Advice Seeker: Dear April,
What do you do when you like one of your brother's friends, and that guy is a year younger? Is that bad? They have been friends for about a year now, but I never actually hung out with him or my brother until my brother's birthday party. We ended up talking and being by each other half the night. Then before they all left we ended up kissing. I'm confused on what to do; I don't know whether to think this guy likes me back or what. Do you have any dating advice for me?
Sincerely,
I Like My Brother's Friend
Dear I Like My Brother's Friend:
It's perfectly okay to like someone who's younger than you are. A year isn't going to make a big difference in anyone's life. Sometimes when people are young teens, as I suspect you are, it seems like a big deal to like someone a year older or a year younger. If you look at older couples, most of them are different ages.

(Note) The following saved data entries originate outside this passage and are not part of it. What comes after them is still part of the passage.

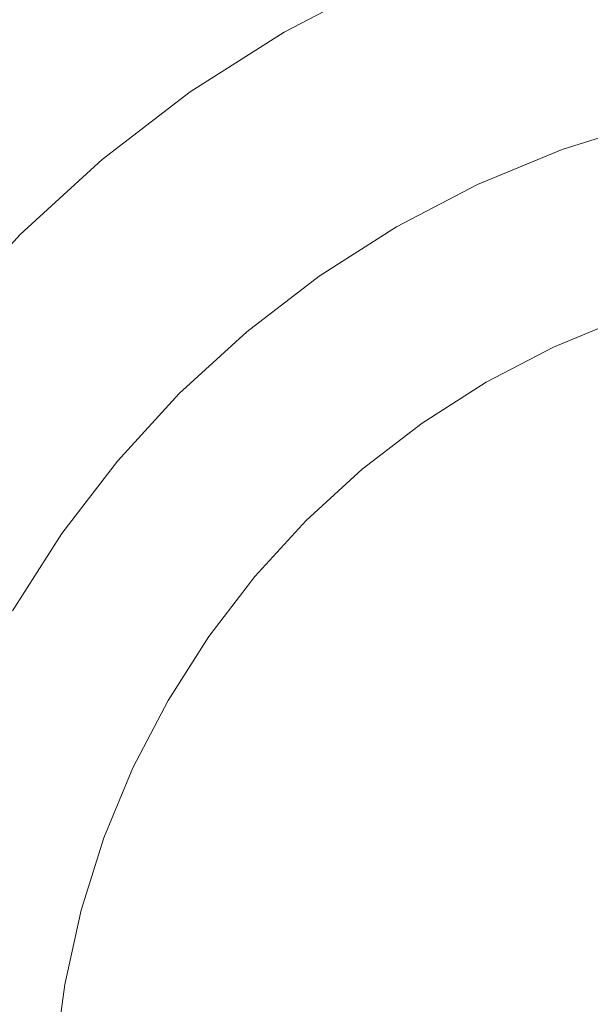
# Model space of a CAD drawing. Header units: millimetres. Extents: x -148 to 148, y -92 to 92.
# Tile 7 of 49: x -99.91 to -93.63, y -62.56 to -51.74. Entities that reach past the tile are written whole.
import ezdxf

# ---------------------------------------------------------------- set-up
doc = ezdxf.new("R2010")
doc.units = ezdxf.units.MM
doc.header["$LTSCALE"] = 25.4
doc.layers.add('Lighting-Moving Light', color=7, linetype='Continuous', lineweight=5, true_color=0x000000)

# ---------------------------------------------------------------- blocks, each defined once
blk = doc.blocks.new('Group-1')
at = {"layer": 'Lighting-Moving Light', "color": 7, "linetype": 'Continuous', "lineweight": 5, "transparency": 33554687}
for points in [[(-1905.589, -1205.846, -16.5), (-2119.658, -1205.846, -16.5), (-2119.658, -1379.915, -16.5), (-1905.589, -1379.915, -16.5)], [(-2116.123, -1209.38, -108.466), (-1909.124, -1209.38, -108.466), (-1909.124, -1376.38, -108.466), (-2116.123, -1376.38, -108.466)]]:
    blk.add_3dface(points, dxfattribs=at)
for points, invisible_edges in [([(-2108.54, -1344.192, -16.465), (-2107.412, -1343.725, -16.465), (-2106.247, -1343.357, -16.465), (-2102.623, -1356.88, -16.465)], 12), ([(-2106.247, -1343.357, -16.465), (-2107.412, -1343.725, -16.465), (-2106.566, -1346.047, -1.637), (-2105.607, -1345.745, -1.637)], 10), ([(-2107.412, -1343.725, -16.465), (-2108.54, -1344.192, -16.465), (-2107.496, -1346.432, -1.637), (-2106.566, -1346.047, -1.637)], 10), ([(-2110.654, -1345.412, -16.465), (-2109.623, -1344.756, -16.465), (-2108.54, -1344.192, -16.465), (-2102.623, -1356.88, -16.465)], 12), ([(-2108.54, -1344.192, -16.465), (-2109.623, -1344.756, -16.465), (-2108.388, -1346.896, -1.637), (-2107.496, -1346.432, -1.637)], 10), ([(-2109.623, -1344.756, -16.465), (-2110.654, -1345.412, -16.465), (-2109.236, -1347.437, -1.637), (-2108.388, -1346.896, -1.637)], 10), ([(-2112.523, -1346.981, -16.465), (-2111.623, -1346.156, -16.465), (-2110.654, -1345.412, -16.465), (-2102.623, -1356.88, -16.465)], 12), ([(-2110.654, -1345.412, -16.465), (-2111.623, -1346.156, -16.465), (-2110.034, -1348.049, -1.637), (-2109.236, -1347.437, -1.637)], 10), ([(-2106.555, -1346.079, -1.475), (-2105.599, -1345.777, -1.475), (-2105.607, -1345.745, -1.637), (-2106.566, -1346.047, -1.637)], 11), ([(-2106.539, -1346.123, -1.316), (-2105.586, -1345.823, -1.316), (-2105.599, -1345.777, -1.475), (-2106.555, -1346.079, -1.475)], 15), ([(-2106.518, -1346.18, -1.162), (-2105.571, -1345.881, -1.162), (-2105.586, -1345.823, -1.316), (-2106.539, -1346.123, -1.316)], 15), ([(-2106.493, -1346.248, -1.014), (-2105.552, -1345.951, -1.014), (-2105.571, -1345.881, -1.162), (-2106.518, -1346.18, -1.162)], 15), ([(-2106.464, -1346.327, -0.872), (-2105.53, -1346.033, -0.872), (-2105.552, -1345.951, -1.014), (-2106.493, -1346.248, -1.014)], 15), ([(-2107.481, -1346.463, -1.475), (-2106.555, -1346.079, -1.475), (-2106.566, -1346.047, -1.637), (-2107.496, -1346.432, -1.637)], 11), ([(-2107.461, -1346.505, -1.316), (-2106.539, -1346.123, -1.316), (-2106.555, -1346.079, -1.475), (-2107.481, -1346.463, -1.475)], 15), ([(-2106.432, -1346.418, -0.737), (-2105.505, -1346.126, -0.737), (-2105.53, -1346.033, -0.872), (-2106.464, -1346.327, -0.872)], 15), ([(-2111.623, -1346.156, -16.465), (-2112.523, -1346.981, -16.465), (-2110.775, -1348.728, -1.637), (-2110.034, -1348.049, -1.637)], 10), ([(-2107.436, -1346.56, -1.162), (-2106.518, -1346.18, -1.162), (-2106.539, -1346.123, -1.316), (-2107.461, -1346.505, -1.316)], 15), ([(-2107.405, -1346.626, -1.014), (-2106.493, -1346.248, -1.014), (-2106.518, -1346.18, -1.162), (-2107.436, -1346.56, -1.162)], 15), ([(-2106.395, -1346.518, -0.611), (-2105.478, -1346.229, -0.611), (-2105.505, -1346.126, -0.737), (-2106.432, -1346.418, -0.737)], 15), ([(-2107.37, -1346.702, -0.872), (-2106.464, -1346.327, -0.872), (-2106.493, -1346.248, -1.014), (-2107.405, -1346.626, -1.014)], 15), ([(-2107.329, -1346.789, -0.737), (-2106.432, -1346.418, -0.737), (-2106.464, -1346.327, -0.872), (-2107.37, -1346.702, -0.872)], 15), ([(-2106.355, -1346.628, -0.494), (-2105.447, -1346.342, -0.494), (-2105.478, -1346.229, -0.611), (-2106.395, -1346.518, -0.611)], 15), ([(-2108.371, -1346.926, -1.475), (-2107.481, -1346.463, -1.475), (-2107.496, -1346.432, -1.637), (-2108.388, -1346.896, -1.637)], 11), ([(-2107.284, -1346.886, -0.611), (-2106.395, -1346.518, -0.611), (-2106.432, -1346.418, -0.737), (-2107.329, -1346.789, -0.737)], 15), ([(-2106.312, -1346.746, -0.387), (-2105.415, -1346.464, -0.387), (-2105.447, -1346.342, -0.494), (-2106.355, -1346.628, -0.494)], 15), ([(-2108.347, -1346.967, -1.316), (-2107.461, -1346.505, -1.316), (-2107.481, -1346.463, -1.475), (-2108.371, -1346.926, -1.475)], 15), ([(-2108.317, -1347.019, -1.162), (-2107.436, -1346.56, -1.162), (-2107.461, -1346.505, -1.316), (-2108.347, -1346.967, -1.316)], 15), ([(-2107.234, -1346.992, -0.494), (-2106.355, -1346.628, -0.494), (-2106.395, -1346.518, -0.611), (-2107.284, -1346.886, -0.611)], 15), ([(-2106.266, -1346.873, -0.291), (-2105.38, -1346.593, -0.291), (-2105.415, -1346.464, -0.387), (-2106.312, -1346.746, -0.387)], 15), ([(-2108.281, -1347.081, -1.014), (-2107.405, -1346.626, -1.014), (-2107.436, -1346.56, -1.162), (-2108.317, -1347.019, -1.162)], 15), ([(-2108.239, -1347.155, -0.872), (-2107.37, -1346.702, -0.872), (-2107.405, -1346.626, -1.014), (-2108.281, -1347.081, -1.014)], 15), ([(-2107.181, -1347.106, -0.387), (-2106.312, -1346.746, -0.387), (-2106.355, -1346.628, -0.494), (-2107.234, -1346.992, -0.494)], 15), ([(-2106.217, -1347.006, -0.206), (-2105.343, -1346.731, -0.206), (-2105.38, -1346.593, -0.291), (-2106.266, -1346.873, -0.291)], 15), ([(-2108.191, -1347.238, -0.737), (-2107.329, -1346.789, -0.737), (-2107.37, -1346.702, -0.872), (-2108.239, -1347.155, -0.872)], 15), ([(-2107.124, -1347.228, -0.291), (-2106.266, -1346.873, -0.291), (-2106.312, -1346.746, -0.387), (-2107.181, -1347.106, -0.387)], 15), ([(-2108.137, -1347.33, -0.611), (-2107.284, -1346.886, -0.611), (-2107.329, -1346.789, -0.737), (-2108.191, -1347.238, -0.737)], 15), ([(-2107.064, -1347.357, -0.206), (-2106.217, -1347.006, -0.206), (-2106.266, -1346.873, -0.291), (-2107.124, -1347.228, -0.291)], 15), ([(-2114.092, -1348.85, -16.465), (-2113.348, -1347.881, -16.465), (-2112.523, -1346.981, -16.465), (-2102.623, -1356.88, -16.465)], 12), ([(-2112.523, -1346.981, -16.465), (-2113.348, -1347.881, -16.465), (-2111.455, -1349.47, -1.637), (-2110.775, -1348.728, -1.637)], 10), ([(-2109.217, -1347.465, -1.475), (-2108.371, -1346.926, -1.475), (-2108.388, -1346.896, -1.637), (-2109.236, -1347.437, -1.637)], 11), ([(-2109.19, -1347.503, -1.316), (-2108.347, -1346.967, -1.316), (-2108.371, -1346.926, -1.475), (-2109.217, -1347.465, -1.475)], 15), ([(-2109.155, -1347.552, -1.162), (-2108.317, -1347.019, -1.162), (-2108.347, -1346.967, -1.316), (-2109.19, -1347.503, -1.316)], 15), ([(-2108.079, -1347.432, -0.494), (-2107.234, -1346.992, -0.494), (-2107.284, -1346.886, -0.611), (-2108.137, -1347.33, -0.611)], 15), ([(-2109.113, -1347.612, -1.014), (-2108.281, -1347.081, -1.014), (-2108.317, -1347.019, -1.162), (-2109.155, -1347.552, -1.162)], 15), ([(-2109.065, -1347.681, -0.872), (-2108.239, -1347.155, -0.872), (-2108.281, -1347.081, -1.014), (-2109.113, -1347.612, -1.014)], 15), ([(-2108.016, -1347.541, -0.387), (-2107.181, -1347.106, -0.387), (-2107.234, -1346.992, -0.494), (-2108.079, -1347.432, -0.494)], 15), ([(-2107.001, -1347.492, -0.134), (-2106.167, -1347.146, -0.134), (-2106.217, -1347.006, -0.206), (-2107.064, -1347.357, -0.206)], 15), ([(-2109.01, -1347.76, -0.737), (-2108.191, -1347.238, -0.737), (-2108.239, -1347.155, -0.872), (-2109.065, -1347.681, -0.872)], 15), ([(-2107.948, -1347.657, -0.291), (-2107.124, -1347.228, -0.291), (-2107.181, -1347.106, -0.387), (-2108.016, -1347.541, -0.387)], 15), ([(-2106.936, -1347.631, -0.074), (-2106.114, -1347.291, -0.074), (-2106.167, -1347.146, -0.134), (-2107.001, -1347.492, -0.134)], 15), ([(-2108.949, -1347.847, -0.611), (-2108.137, -1347.33, -0.611), (-2108.191, -1347.238, -0.737), (-2109.01, -1347.76, -0.737)], 15), ([(-2107.877, -1347.78, -0.206), (-2107.064, -1347.357, -0.206), (-2107.124, -1347.228, -0.291), (-2107.948, -1347.657, -0.291)], 15), ([(-2106.869, -1347.775, -0.027), (-2106.06, -1347.439, -0.027), (-2106.114, -1347.291, -0.074), (-2106.936, -1347.631, -0.074)], 15), ([(-2108.881, -1347.943, -0.494), (-2108.079, -1347.432, -0.494), (-2108.137, -1347.33, -0.611), (-2108.949, -1347.847, -0.611)], 15), ([(-2107.803, -1347.909, -0.134), (-2107.001, -1347.492, -0.134), (-2107.064, -1347.357, -0.206), (-2107.877, -1347.78, -0.206)], 15), ([(-2110.012, -1348.075, -1.475), (-2109.217, -1347.465, -1.475), (-2109.236, -1347.437, -1.637), (-2110.034, -1348.049, -1.637)], 11), ([(-2109.982, -1348.111, -1.316), (-2109.19, -1347.503, -1.316), (-2109.217, -1347.465, -1.475), (-2110.012, -1348.075, -1.475)], 15), ([(-2109.943, -1348.157, -1.162), (-2109.155, -1347.552, -1.162), (-2109.19, -1347.503, -1.316), (-2109.982, -1348.111, -1.316)], 15), ([(-2108.809, -1348.046, -0.387), (-2108.016, -1347.541, -0.387), (-2108.079, -1347.432, -0.494), (-2108.881, -1347.943, -0.494)], 15), ([(-2107.726, -1348.042, -0.074), (-2106.936, -1347.631, -0.074), (-2107.001, -1347.492, -0.134), (-2107.803, -1347.909, -0.134)], 15), ([(-2106.801, -1347.922, 0.007), (-2106.004, -1347.592, 0.007), (-2106.06, -1347.439, -0.027), (-2106.869, -1347.775, -0.027)], 15), ([(-2109.897, -1348.213, -1.014), (-2109.113, -1347.612, -1.014), (-2109.155, -1347.552, -1.162), (-2109.943, -1348.157, -1.162)], 15), ([(-2109.842, -1348.278, -0.872), (-2109.065, -1347.681, -0.872), (-2109.113, -1347.612, -1.014), (-2109.897, -1348.213, -1.014)], 15), ([(-2108.732, -1348.157, -0.291), (-2107.948, -1347.657, -0.291), (-2108.016, -1347.541, -0.387), (-2108.809, -1348.046, -0.387)], 15), ([(-2107.647, -1348.18, -0.027), (-2106.869, -1347.775, -0.027), (-2106.936, -1347.631, -0.074), (-2107.726, -1348.042, -0.074)], 15), ([(-2106.732, -1348.07, 0.028), (-2105.948, -1347.746, 0.028), (-2106.004, -1347.592, 0.007), (-2106.801, -1347.922, 0.007)], 15), ([(-2109.78, -1348.351, -0.737), (-2109.01, -1347.76, -0.737), (-2109.065, -1347.681, -0.872), (-2109.842, -1348.278, -0.872)], 15), ([(-2108.65, -1348.273, -0.206), (-2107.877, -1347.78, -0.206), (-2107.948, -1347.657, -0.291), (-2108.732, -1348.157, -0.291)], 15), ([(-2105.097, -1347.65, 0.035), (-2105.892, -1347.901, 0.035), (-2106.662, -1348.22, 0.035), (-2102.623, -1356.88, 0.035)], 12), ([(-2109.712, -1348.433, -0.611), (-2108.949, -1347.847, -0.611), (-2109.01, -1347.76, -0.737), (-2109.78, -1348.351, -0.737)], 15), ([(-2109.637, -1348.522, -0.494), (-2108.881, -1347.943, -0.494), (-2108.949, -1347.847, -0.611), (-2109.712, -1348.433, -0.611)], 15), ([(-2108.565, -1348.395, -0.134), (-2107.803, -1347.909, -0.134), (-2107.877, -1347.78, -0.206), (-2108.65, -1348.273, -0.206)], 15), ([(-2107.566, -1348.32, 0.007), (-2106.801, -1347.922, 0.007), (-2106.869, -1347.775, -0.027), (-2107.647, -1348.18, -0.027)], 15), ([(-2106.662, -1348.22, 0.035), (-2105.892, -1347.901, 0.035), (-2105.948, -1347.746, 0.028), (-2106.732, -1348.07, 0.028)], 14), ([(-2113.348, -1347.881, -16.465), (-2114.092, -1348.85, -16.465), (-2112.067, -1350.268, -1.637), (-2111.455, -1349.47, -1.637)], 10), ([(-2109.556, -1348.619, -0.387), (-2108.809, -1348.046, -0.387), (-2108.881, -1347.943, -0.494), (-2109.637, -1348.522, -0.494)], 15), ([(-2108.477, -1348.521, -0.074), (-2107.726, -1348.042, -0.074), (-2107.803, -1347.909, -0.134), (-2108.565, -1348.395, -0.134)], 15), ([(-2107.484, -1348.462, 0.028), (-2106.732, -1348.07, 0.028), (-2106.801, -1347.922, 0.007), (-2107.566, -1348.32, 0.007)], 15), ([(-2110.751, -1348.752, -1.475), (-2110.012, -1348.075, -1.475), (-2110.034, -1348.049, -1.637), (-2110.775, -1348.728, -1.637)], 11), ([(-2109.469, -1348.722, -0.291), (-2108.732, -1348.157, -0.291), (-2108.809, -1348.046, -0.387), (-2109.556, -1348.619, -0.387)], 15), ([(-2108.386, -1348.651, -0.027), (-2107.647, -1348.18, -0.027), (-2107.726, -1348.042, -0.074), (-2108.477, -1348.521, -0.074)], 15), ([(-2110.718, -1348.786, -1.316), (-2109.982, -1348.111, -1.316), (-2110.012, -1348.075, -1.475), (-2110.751, -1348.752, -1.475)], 15), ([(-2110.676, -1348.828, -1.162), (-2109.943, -1348.157, -1.162), (-2109.982, -1348.111, -1.316), (-2110.718, -1348.786, -1.316)], 15), ([(-2110.624, -1348.88, -1.014), (-2109.897, -1348.213, -1.014), (-2109.943, -1348.157, -1.162), (-2110.676, -1348.828, -1.162)], 15), ([(-2109.378, -1348.831, -0.206), (-2108.65, -1348.273, -0.206), (-2108.732, -1348.157, -0.291), (-2109.469, -1348.722, -0.291)], 15), ([(-2107.401, -1348.605, 0.035), (-2106.662, -1348.22, 0.035), (-2106.732, -1348.07, 0.028), (-2107.484, -1348.462, 0.028)], 14), ([(-2110.564, -1348.939, -0.872), (-2109.842, -1348.278, -0.872), (-2109.897, -1348.213, -1.014), (-2110.624, -1348.88, -1.014)], 15), ([(-2110.497, -1349.007, -0.737), (-2109.78, -1348.351, -0.737), (-2109.842, -1348.278, -0.872), (-2110.564, -1348.939, -0.872)], 15), ([(-2109.282, -1348.945, -0.134), (-2108.565, -1348.395, -0.134), (-2108.65, -1348.273, -0.206), (-2109.378, -1348.831, -0.206)], 15), ([(-2108.293, -1348.783, 0.007), (-2107.566, -1348.32, 0.007), (-2107.647, -1348.18, -0.027), (-2108.386, -1348.651, -0.027)], 15), ([(-2106.662, -1348.22, 0.035), (-2107.401, -1348.605, 0.035), (-2108.104, -1349.053, 0.035), (-2102.623, -1356.88, 0.035)], 12), ([(-2110.421, -1349.083, -0.611), (-2109.712, -1348.433, -0.611), (-2109.78, -1348.351, -0.737), (-2110.497, -1349.007, -0.737)], 15), ([(-2108.199, -1348.917, 0.028), (-2107.484, -1348.462, 0.028), (-2107.566, -1348.32, 0.007), (-2108.293, -1348.783, 0.007)], 15), ([(-2110.338, -1349.165, -0.494), (-2109.637, -1348.522, -0.494), (-2109.712, -1348.433, -0.611), (-2110.421, -1349.083, -0.611)], 15), ([(-2109.183, -1349.063, -0.074), (-2108.477, -1348.521, -0.074), (-2108.565, -1348.395, -0.134), (-2109.282, -1348.945, -0.134)], 15), ([(-2108.104, -1349.053, 0.035), (-2107.401, -1348.605, 0.035), (-2107.484, -1348.462, 0.028), (-2108.199, -1348.917, 0.028)], 14), ([(-2110.249, -1349.255, -0.387), (-2109.556, -1348.619, -0.387), (-2109.637, -1348.522, -0.494), (-2110.338, -1349.165, -0.494)], 15), ([(-2109.081, -1349.184, -0.027), (-2108.386, -1348.651, -0.027), (-2108.477, -1348.521, -0.074), (-2109.183, -1349.063, -0.074)], 15), ([(-2110.154, -1349.35, -0.291), (-2109.469, -1348.722, -0.291), (-2109.556, -1348.619, -0.387), (-2110.249, -1349.255, -0.387)], 15), ([(-2108.977, -1349.308, 0.007), (-2108.293, -1348.783, 0.007), (-2108.386, -1348.651, -0.027), (-2109.081, -1349.184, -0.027)], 15), ([(-2111.429, -1349.492, -1.475), (-2110.751, -1348.752, -1.475), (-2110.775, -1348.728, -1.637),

In fact, when you get older, five, ten, fifteen and even twenty years, can be "do-able" age differences in happy, healthy relationships. It really depends on the maturity of the two individuals involved.
Sibling Rivalry:
If you're afraid your brother is going to be angry with you for liking his friend, or if you're afraid that your brother is going to tell you not to hang out with his friend any more, then you really have to face that fear and find out if that's what your brother is going to do. Sometimes siblings get jealous over attention that the other one gets. This stems from wanting the parents attentions as a baby when a sibling comes along and takes the parents attention. There can be a lifelong rivalry between siblings to gain attention from parents -- or parent figures -- that can be friends, teachers or anyone that both of you want attention from. Like this guy. If you have a case of sibling rivalry and this guy is the object of it, it's much better to deal with it up front and talk it out, then to ignore it or miss an opportunity to have a nice relationship with this guy just because you have old issues with your parents and your brother that are unresolved. Resolve them now!
Brotherly Love:
On the other hand, your brother may know things about this guy that you don't, and he may feel protective of you. You should respect your brother's wanting to take care of you -- if that's what he does. He may know that this guy has another girlfriend already -- or that he has a history of cheating on girls. He may have information about this guy that is valuable to you, so you should listen and then make your own decision.
After you straighten things out with your brother, you should figure out what you want from this guy and what he's offering. I hate to burst your bubble, but guys will make out with you because they can. Older men sleep with women because they can. It doesn't mean that they like you and want to have a relationship with you. It just means that they like making out with you or having sex. There's a big difference. I'd suggest you back off and let him make the first move. He knows you like him because you hung out and kissed. If he wants a relationship with you, he'll call you and ask you out on a date. DON'T you ask him out on a date. DON'T you call him. Here's what you can do:
1. Concentrate on your school or job -- or both if you have both. Focus on getting good grades and doing well.
2. Take care of yourself. Do whatever makes you feel good about yourself -- exercise, take up a sport, get a haircut, go through your wardrobe and do a clothing make over -- whatever will make you feel great about yourself, do it!
3. Have fun with your friends. Go out and have fun. Guys love girls (and men love women) who have a good attitude, confidence, and an interesting life! If he sees you're independent and you have your act together, you'll be more attractive to him.
4. Be prepared for other guys to like you. If you do the above three things, you're going to have a lot of guys liking you, and you'll be the prize that they'll have to fight over and win. And trust me -- guys like to do this. They like to feel like they won a great girl -- and that's who you are and who you will be the more you focus on making yourself the best you you can.